Role of GIS Technology, Spatial Data Analysis, and Remote Sensing in Urban Planning
Keywords:
GIS, remote sensing, urban planning, urban land-use change, Faisalabad Pakistan, spatial analysis, urban expansion, overlay analysis, buffer analysis, spatial clustering, sustainable development, LandsatAbstract
This study examines the application of Geographic Information Systems (GIS), spatial data analysis, and remote sensing in urban planning, using Faisalabad, Pakistan, as a case study. The research aims to analyze urban land-use changes and spatial expansion from 2000 to 2023, assess relationships between population density, land-use patterns, and infrastructure, and highlight the role of geospatial frameworks in sustainable urban development. Secondary data were sourced from NASA Landsat and European Space Agency Sentinel programs, complemented by population and transportation datasets. GIS processing and spatial analysis were conducted using QGIS and Python libraries, including GeoPandas, Rasterio, and PySAL. Land-use classification was performed using the Maximum Likelihood method, while NDBI and NDVI indices were used for time-series urbanization analysis.

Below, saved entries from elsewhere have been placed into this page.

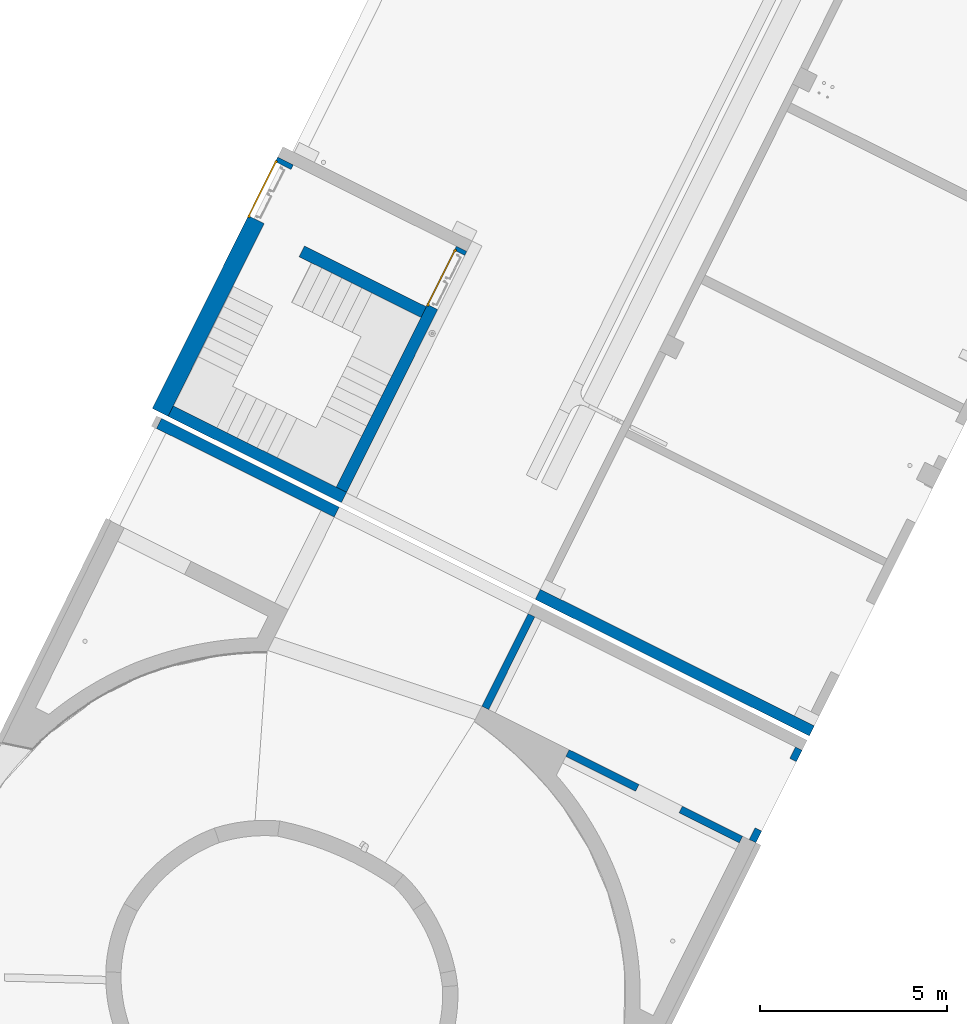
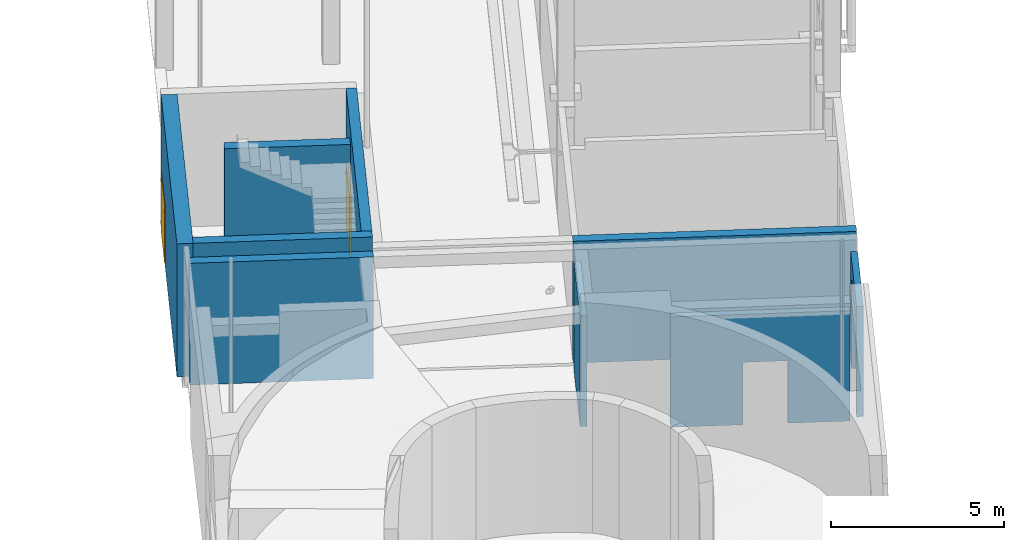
# One storey, part 9 of 91: 9 walls, 2 doors, 4 openings.
"""IFC2X3 building model written with IfcOpenShell, lengths in metres."""

from ifc_helpers import new_model, entity, si_unit, converted_unit, derived_unit, direction, frame, frame_2d, origin, origin_2d_with_axis, place, context, subcontext, project, spatial, rectangle, extrude, faceted_brep, source, transform, mapped, material, layer, layer_set, layer_usage, type_object, type_shapes, element, fill, save


model = new_model("IFC2X3")

# Units and contexts
model_context = context("Model", 3, precision=1e-05, world=origin(), true_north=direction((0.894925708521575, 0.446215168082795)))
context_of_model = context(None, 3, precision=1e-05, world=origin(), true_north=direction((0.894925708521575, 0.446215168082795)))
body_context = subcontext(model_context, "Body", "Model", "MODEL_VIEW")
ifc_project = project(units=[si_unit("LENGTHUNIT", "METRE"), si_unit("AREAUNIT", "SQUARE_METRE"), si_unit("VOLUMEUNIT", "CUBIC_METRE"), converted_unit("PLANEANGLEUNIT", "DEGREE", entity("IfcRatioMeasure", 0.0174532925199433), si_unit("PLANEANGLEUNIT", "RADIAN"), dimensions=[0, 0, 0, 0, 0, 0, 0]), si_unit("MASSUNIT", "GRAM", prefix="KILO"), si_unit("TIMEUNIT", "SECOND"), si_unit("FREQUENCYUNIT", "HERTZ"), si_unit("THERMODYNAMICTEMPERATUREUNIT", "DEGREE_CELSIUS"), derived_unit("THERMALTRANSMITTANCEUNIT", [(si_unit("MASSUNIT", "GRAM", prefix="KILO"), 1), (si_unit("THERMODYNAMICTEMPERATUREUNIT", "KELVIN"), -1), (si_unit("TIMEUNIT", "SECOND"), -3)]), derived_unit("VOLUMETRICFLOWRATEUNIT", [(si_unit("LENGTHUNIT", "METRE"), 3), (si_unit("TIMEUNIT", "SECOND"), -1)]), si_unit("ELECTRICCURRENTUNIT", "AMPERE"), si_unit("ELECTRICVOLTAGEUNIT", "VOLT"), si_unit("POWERUNIT", "WATT"), si_unit("FORCEUNIT", "NEWTON", prefix="KILO"), si_unit("ILLUMINANCEUNIT", "LUX"), si_unit("LUMINOUSFLUXUNIT", "LUMEN"), si_unit("LUMINOUSINTENSITYUNIT", "CANDELA"), si_unit("PRESSUREUNIT", "PASCAL")], contexts=[model_context, context_of_model])

# Site, building, storey
site_placement = place(None, frame((218.228324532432, 584.720189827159, 0.0), z_axis=(0.0, 0.0, 1.0), x_axis=(0.446215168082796, 0.894925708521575, 0.0)))
site = spatial("IfcSite", under=ifc_project, at=site_placement, Name="Default", CompositionType="ELEMENT")
building_placement = place(site_placement, origin())
building = spatial("IfcBuilding", under=site, at=building_placement, CompositionType="ELEMENT")
storey_placement = place(building_placement, origin())
storey = spatial("IfcBuildingStorey", under=building, at=storey_placement, Name="0 - Piano Terra", CompositionType="ELEMENT", Elevation=0.0)

# Wall, opening, door
ifc_material_1 = material(Name="Alluminio")
ifc_layer_1 = layer(ifc_material_1, 0.15)
ifc_material_2 = material(Name="Default - Calcestruzzo")
ifc_layer_2 = layer(ifc_material_2, 0.3)
ifc_material_3 = material(Name="Intonaco - Bianco")
ifc_layer_3 = layer(ifc_material_3, 0.02)
ifc_layer_set_1 = layer_set([ifc_layer_1, ifc_layer_2, ifc_layer_3], Name="Muro di base:Setto CA rivestito int-est 47 cm")
ifc_layer_usage_1 = layer_usage(ifc_layer_set_1, "AXIS2", "NEGATIVE", 0.235)
wall_type_1 = type_object("IfcWallType", Name="Muro di base:Setto CA rivestito int-est 47 cm", PredefinedType="STANDARD", material=ifc_layer_set_1)
wall_1_placement = place(storey_placement, frame((-60.5294493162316, 6.22392100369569, 0.0)))
wall_1 = element("IfcWallStandardCase", 1, at=wall_1_placement, inside=storey, type_object=wall_type_1, material=ifc_layer_usage_1, Name="Muro di base:Setto CA rivestito int-est 47 cm", ObjectType="Muro di base:Setto CA rivestito int-est 47 cm", context=body_context, shape_type="SweptSolid", body=[
    extrude(rectangle(XDim=7.51999999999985, YDim=0.469999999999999, at=frame_2d((3.75999999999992, 0.0), x_axis=(-1.0, 0.0))), origin(), (0.0, 0.0, 1.0), 4.69),
])
opening_1_placement = place(wall_1_placement, frame((5.72499999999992, -0.534999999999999, 0.0)))
opening_1 = element("IfcOpeningElement", 2, at=opening_1_placement, cuts=wall_1, Name="Muro di base:Setto CA rivestito int-est 47 cm", ObjectType="Opening", context=body_context, shape_type="Brep", body=[
    faceted_brep([(1.65999999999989, 0.0, 2.11000000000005), (1.65999999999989, 0.720000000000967, 2.11000000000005), (0.0399999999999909, 0.720000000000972, 2.11000000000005), (0.0399999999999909, 0.0, 2.11000000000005), (1.65999999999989, 1.07000000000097, 0.0), (1.65999999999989, 0.770000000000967, 0.0), (1.69999999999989, 0.770000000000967, 0.0), (1.69999999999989, 0.720000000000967, 0.0), (1.65999999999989, 0.720000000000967, 0.0), (1.65999999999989, 0.0, 0.0), (0.0399999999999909, 0.0, 0.0), (0.0399999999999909, 0.720000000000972, 0.0), (0.0, 0.720000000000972, 0.0), (0.0, 0.770000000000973, 0.0), (0.0399999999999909, 0.770000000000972, 0.0), (0.0399999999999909, 1.07000000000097, 0.0), (1.65999999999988, 1.07000000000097, 2.11000000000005), (0.0399999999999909, 1.07000000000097, 2.11000000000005), (1.65999999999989, 0.770000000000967, 2.11000000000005), (0.0, 0.770000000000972, 2.15000000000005), (1.69999999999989, 0.770000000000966, 2.15000000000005), (0.0399999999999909, 0.770000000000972, 2.11000000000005), (1.69999999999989, 0.720000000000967, 2.15000000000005), (0.0, 0.720000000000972, 2.15000000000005)], [[[0, 1, 2, 3]], [[4, 5, 6, 7, 8, 9, 10, 11, 12, 13, 14, 15]], [[16, 4, 15, 17]], [[3, 2, 11, 10]], [[3, 10, 9, 0]], [[16, 18, 5, 4]], [[13, 19, 20, 6, 5, 18, 21, 14]], [[11, 2, 1, 8, 7, 22, 23, 12]], [[12, 23, 19, 13]], [[19, 23, 22, 20]], [[20, 22, 7, 6]], [[9, 8, 1, 0]], [[15, 14, 21, 17]], [[17, 21, 18, 16]]]),
])
door_style_1 = type_object("IfcDoorStyle", Name="180x210", ConstructionType="NOTDEFINED", OperationType="DOUBLE_DOOR_SINGLE_SWING", ParameterTakesPrecedence=False, Sizeable=False, material=ifc_material_1)
shared_shape_1 = source(origin(), body_context, "Body", "Brep", [
    faceted_brep([(0.0499999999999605, -0.289999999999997, 0.0), (0.0499999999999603, -0.329999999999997, 0.0), (0.0649999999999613, -0.329999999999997, 0.0), (0.0649999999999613, -0.349999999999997, 0.0), (0.0, -0.349999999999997, 0.0), (0.0, -0.289999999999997, 0.0), (0.0499999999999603, -0.289999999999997, 2.10000000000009), (0.0499999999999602, -0.329999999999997, 2.10000000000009), (1.64999999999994, -0.330000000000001, 2.10000000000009), (1.64999999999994, -0.330000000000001, 0.0), (1.63499999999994, -0.330000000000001, 0.0), (1.63499999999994, -0.330000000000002, 2.08500000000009), (0.0649999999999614, -0.329999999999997, 2.08500000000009), (0.0649999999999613, -0.349999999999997, 2.08500000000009), (1.63499999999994, -0.350000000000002, 2.08500000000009), (1.63499999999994, -0.350000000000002, 0.0), (1.6999999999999, -0.350000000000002, 0.0), (1.6999999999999, -0.350000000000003, 2.15000000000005), (0.0, -0.349999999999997, 2.15000000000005), (0.0, -0.289999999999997, 2.15000000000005), (1.6999999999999, -0.290000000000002, 2.15000000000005), (1.6999999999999, -0.290000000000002, 0.0), (1.64999999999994, -0.290000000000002, 0.0), (1.64999999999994, -0.290000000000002, 2.10000000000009)], [[[0, 1, 2, 3, 4, 5]], [[1, 0, 6, 7]], [[2, 1, 7, 8, 9, 10, 11, 12]], [[3, 2, 12, 13]], [[4, 3, 13, 14, 15, 16, 17, 18]], [[5, 4, 18, 19]], [[0, 5, 19, 20, 21, 22, 23, 6]], [[8, 23, 22, 9]], [[22, 21, 16, 15, 10, 9]], [[14, 11, 10, 15]], [[20, 17, 16, 21]], [[7, 6, 23, 8]], [[13, 12, 11, 14]], [[19, 18, 17, 20]]]),
    faceted_brep([(0.84999999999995, -0.289999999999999, 2.1), (0.84999999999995, -0.289999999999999, 0.0), (0.0499999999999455, -0.289999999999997, 0.0), (0.0499999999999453, -0.289999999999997, 2.1), (0.849999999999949, -0.329999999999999, 2.1), (0.0499999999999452, -0.329999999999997, 2.1), (0.0499999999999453, -0.329999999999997, 0.0), (0.84999999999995, -0.329999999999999, 0.0)], [[[0, 1, 2, 3]], [[4, 5, 6, 7]], [[1, 0, 4, 7]], [[2, 1, 7, 6]], [[3, 2, 6, 5]], [[0, 3, 5, 4]]]),
    faceted_brep([(1.64999999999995, -0.29, 0.0), (0.84999999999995, -0.289999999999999, 0.0), (0.84999999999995, -0.289999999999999, 2.1), (1.64999999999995, -0.29, 2.1), (1.64999999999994, -0.330000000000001, 0.0), (1.64999999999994, -0.330000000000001, 2.1), (0.849999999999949, -0.329999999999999, 2.1), (0.84999999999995, -0.329999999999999, 0.0)], [[[0, 1, 2, 3]], [[4, 5, 6, 7]], [[1, 0, 4, 7]], [[2, 1, 7, 6]], [[3, 2, 6, 5]], [[0, 3, 5, 4]]]),
    faceted_brep([(0.864999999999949, -0.287000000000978, 2.1), (0.834999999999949, -0.287000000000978, 2.1), (0.834999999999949, -0.290000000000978, 2.1), (0.864999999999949, -0.290000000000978, 2.1), (0.864999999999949, -0.287000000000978, 0.0), (0.864999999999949, -0.290000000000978, 0.0), (0.834999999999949, -0.290000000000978, 0.0), (0.834999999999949, -0.287000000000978, 0.0)], [[[0, 1, 2, 3]], [[4, 5, 6, 7]], [[1, 0, 4, 7]], [[2, 1, 7, 6]], [[3, 2, 6, 5]], [[0, 3, 5, 4]]]),
    faceted_brep([(1.6599999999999, -0.280000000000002, 1.85000000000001), (1.64999999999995, -0.280000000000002, 1.85000000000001), (1.63499999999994, -0.290000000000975, 1.85000000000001), (1.6599999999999, -0.290000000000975, 1.85000000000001), (1.6599999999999, -0.280000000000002, 1.80000000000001), (1.64999999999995, -0.280000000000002, 1.80000000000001), (1.63499999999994, -0.290000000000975, 1.80000000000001), (1.6599999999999, -0.290000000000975, 1.80000000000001)], [[[0, 1, 2, 3]], [[1, 0, 4, 5]], [[2, 1, 5, 6]], [[3, 2, 6, 7]], [[0, 3, 7, 4]], [[4, 7, 6, 5]]]),
    faceted_brep([(0.0399999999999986, -0.280000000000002, 1.80000000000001), (0.0499999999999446, -0.280000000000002, 1.80000000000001), (0.064999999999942, -0.290000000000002, 1.80000000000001), (0.0399999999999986, -0.290000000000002, 1.80000000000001), (0.0399999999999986, -0.290000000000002, 1.85000000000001), (0.0399999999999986, -0.280000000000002, 1.85000000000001), (0.064999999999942, -0.290000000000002, 1.85000000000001), (0.0499999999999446, -0.280000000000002, 1.85000000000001)], [[[0, 1, 2, 3]], [[4, 5, 0, 3]], [[6, 4, 3, 2]], [[7, 6, 2, 1]], [[5, 7, 1, 0]], [[5, 4, 6, 7]]]),
    faceted_brep([(1.6599999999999, -0.280000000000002, 1.80000000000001), (1.64999999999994, -0.280000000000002, 1.80000000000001), (1.64999999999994, -0.290000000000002, 1.80000000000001), (1.6599999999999, -0.290000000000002, 1.80000000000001), (1.6599999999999, -0.280000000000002, 1.75000000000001), (1.64999999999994, -0.280000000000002, 1.75000000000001), (1.64999999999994, -0.290000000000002, 1.75000000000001), (1.6599999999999, -0.290000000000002, 1.75000000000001)], [[[0, 1, 2, 3]], [[1, 0, 4, 5]], [[2, 1, 5, 6]], [[3, 2, 6, 7]], [[0, 3, 7, 4]], [[4, 7, 6, 5]]]),
    faceted_brep([(0.0499999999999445, -0.280000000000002, 1.75000000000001), (0.0499999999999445, -0.290000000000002, 1.75000000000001), (0.0399999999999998, -0.290000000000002, 1.75000000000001), (0.0399999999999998, -0.280000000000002, 1.75000000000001), (0.0399999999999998, -0.280000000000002, 1.80000000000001), (0.0499999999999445, -0.280000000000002, 1.80000000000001), (0.0399999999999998, -0.290000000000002, 1.80000000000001), (0.0499999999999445, -0.290000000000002, 1.80000000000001)], [[[0, 1, 2, 3]], [[4, 5, 0, 3]], [[6, 4, 3, 2]], [[7, 6, 2, 1]], [[5, 7, 1, 0]], [[5, 4, 6, 7]]]),
    faceted_brep([(0.0399999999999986, -0.290000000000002, 0.349999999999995), (0.064999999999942, -0.290000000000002, 0.349999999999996), (0.0499999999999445, -0.280000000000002, 0.349999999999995), (0.0399999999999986, -0.280000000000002, 0.349999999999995), (0.0399999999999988, -0.290000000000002, 0.299999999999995), (0.0649999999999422, -0.290000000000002, 0.299999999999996), (0.0499999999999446, -0.280000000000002, 0.299999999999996), (0.0399999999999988, -0.280000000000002, 0.299999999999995)], [[[0, 1, 2, 3]], [[1, 0, 4, 5]], [[2, 1, 5, 6]], [[3, 2, 6, 7]], [[0, 3, 7, 4]], [[4, 7, 6, 5]]]),
    faceted_brep([(1.6599999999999, -0.280000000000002, 0.300000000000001), (1.6599999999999, -0.290000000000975, 0.300000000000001), (1.63499999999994, -0.290000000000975, 0.300000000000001), (1.64999999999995, -0.280000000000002, 0.300000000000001), (1.64999999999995, -0.280000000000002, 0.350000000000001), (1.6599999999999, -0.280000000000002, 0.350000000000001), (1.63499999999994, -0.290000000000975, 0.350000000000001), (1.6599999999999, -0.290000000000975, 0.350000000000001)], [[[0, 1, 2, 3]], [[4, 5, 0, 3]], [[6, 4, 3, 2]], [[7, 6, 2, 1]], [[5, 7, 1, 0]], [[5, 4, 6, 7]]]),
    faceted_brep([(1.64999999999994, -0.280000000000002, 0.300000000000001), (1.64999999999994, -0.290000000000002, 0.300000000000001), (1.6599999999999, -0.290000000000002, 0.300000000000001), (1.6599999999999, -0.280000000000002, 0.300000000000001), (1.64999999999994, -0.280000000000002, 0.250000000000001), (1.64999999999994, -0.290000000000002, 0.250000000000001), (1.6599999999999, -0.290000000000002, 0.250000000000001), (1.6599999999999, -0.280000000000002, 0.250000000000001)], [[[0, 1, 2, 3]], [[1, 0, 4, 5]], [[2, 1, 5, 6]], [[3, 2, 6, 7]], [[0, 3, 7, 4]], [[4, 7, 6, 5]]]),
    faceted_brep([(0.0499999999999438, -0.280000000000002, 0.249999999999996), (0.0499999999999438, -0.290000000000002, 0.249999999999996), (0.0399999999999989, -0.290000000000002, 0.249999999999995), (0.0399999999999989, -0.280000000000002, 0.249999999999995), (0.0399999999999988, -0.280000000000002, 0.299999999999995), (0.0499999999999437, -0.280000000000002, 0.299999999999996), (0.0399999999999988, -0.290000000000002, 0.299999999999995), (0.0499999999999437, -0.290000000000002, 0.299999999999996)], [[[0, 1, 2, 3]], [[4, 5, 0, 3]], [[6, 4, 3, 2]], [[7, 6, 2, 1]], [[5, 7, 1, 0]], [[5, 4, 6, 7]]]),
])
type_shapes(door_style_1, [shared_shape_1])
door_1_placement = place(storey_placement, frame((-54.8044493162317, 6.75892100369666, 0.0)))
door_1 = element("IfcDoor", 3, at=door_1_placement, inside=storey, type_object=door_style_1, material=ifc_material_1, Name="120-180x210 Uscita di sicurezza doppia:180x210", ObjectType="180x210", OverallHeight=2.15000000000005, OverallWidth=1.6999999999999, context=body_context, shape_type="MappedRepresentation", body=[
    mapped(shared_shape_1, transform((0.0, 0.0, 0.0), scale=1.0)),
])
fill(opening_1, door_1)

# Wall
ifc_layer_4 = layer(ifc_material_2, 0.3)
ifc_layer_5 = layer(ifc_material_3, 0.01)
ifc_layer_set_2 = layer_set([ifc_layer_4, ifc_layer_5], Name="Muro di base:Setto CA rivestito int - 31 cm")
ifc_layer_usage_2 = layer_usage(ifc_layer_set_2, "AXIS2", "NEGATIVE", 0.155)
wall_type_2 = type_object("IfcWallType", Name="Muro di base:Setto CA rivestito int - 31 cm", PredefinedType="STANDARD", material=ifc_layer_set_2)
wall_2_placement = place(storey_placement, frame((-60.3744493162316, 0.798921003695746, 0.0), z_axis=(0.0, 0.0, 1.0), x_axis=(0.0, 1.0, 0.0)))
element("IfcWallStandardCase", 4, at=wall_2_placement, inside=storey, type_object=wall_type_2, material=ifc_layer_usage_2, Name="Muro di base:Setto CA rivestito int - 31 cm", ObjectType="Muro di base:Setto CA rivestito int - 31 cm", context=body_context, shape_type="SweptSolid", body=[
    extrude(rectangle(XDim=5.18999999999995, YDim=0.309999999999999, at=frame_2d((2.59499999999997, 0.0), x_axis=(-1.0, 0.0))), origin(), (0.0, 0.0, 1.0), 4.69),
])

# Wall, opening, door
ifc_layer_usage_3 = layer_usage(ifc_layer_set_2, "AXIS2", "NEGATIVE", 0.155)
wall_3_placement = place(storey_placement, frame((-53.0094493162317, 0.953921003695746, 0.0), z_axis=(0.0, 0.0, 1.0), x_axis=(-1.0, 0.0, 0.0)))
wall_3 = element("IfcWallStandardCase", 5, at=wall_3_placement, inside=storey, type_object=wall_type_2, material=ifc_layer_usage_3, Name="Muro di base:Setto CA rivestito int - 31 cm", ObjectType="Muro di base:Setto CA rivestito int - 31 cm", context=body_context, shape_type="SweptSolid", body=[
    extrude(rectangle(XDim=7.20999999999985, YDim=0.31, at=frame_2d((3.60499999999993, 0.0), x_axis=(-1.0, 0.0))), origin(), (0.0, 0.0, 1.0), 4.69),
])
opening_2_placement = place(wall_3_placement, frame((1.77999999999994, 0.454999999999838, 0.0), z_axis=(0.0, 0.0, 1.0), x_axis=(-1.0, 0.0, 0.0)))
opening_2 = element("IfcOpeningElement", 6, at=opening_2_placement, cuts=wall_3, Name="Muro di base:Setto CA rivestito int - 31 cm", ObjectType="Opening", context=body_context, shape_type="Brep", body=[
    faceted_brep([(1.65999999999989, 0.0, 2.11000000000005), (1.65999999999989, 0.560000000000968, 2.11000000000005), (0.0399999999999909, 0.560000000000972, 2.11000000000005), (0.0399999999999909, 0.0, 2.11000000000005), (1.65999999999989, 0.91000000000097, 0.0), (1.65999999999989, 0.610000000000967, 0.0), (1.69999999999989, 0.610000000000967, 0.0), (1.69999999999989, 0.560000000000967, 0.0), (1.65999999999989, 0.560000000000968, 0.0), (1.65999999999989, 0.0, 0.0), (0.0399999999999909, 0.0, 0.0), (0.0399999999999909, 0.560000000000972, 0.0), (0.0, 0.560000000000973, 0.0), (0.0, 0.610000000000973, 0.0), (0.0399999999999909, 0.610000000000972, 0.0), (0.0399999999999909, 0.91000000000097, 0.0), (1.65999999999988, 0.91000000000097, 2.11000000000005), (0.0399999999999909, 0.91000000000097, 2.11000000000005), (1.65999999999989, 0.610000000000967, 2.11000000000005), (0.0, 0.610000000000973, 2.15000000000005), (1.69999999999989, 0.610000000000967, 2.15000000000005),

Results indicate that approximately 38.4% of urban fringe agricultural land was converted to built-up areas, with 74.2% of development occurring within 1.5 km of major roads, reflecting corridor-based growth. Spatial clustering identified seven significant high-density population zones. The findings demonstrate that GIS and remote sensing provide effective tools for monitoring urban growth and support evidence-based, sustainable planning in rapidly expanding cities.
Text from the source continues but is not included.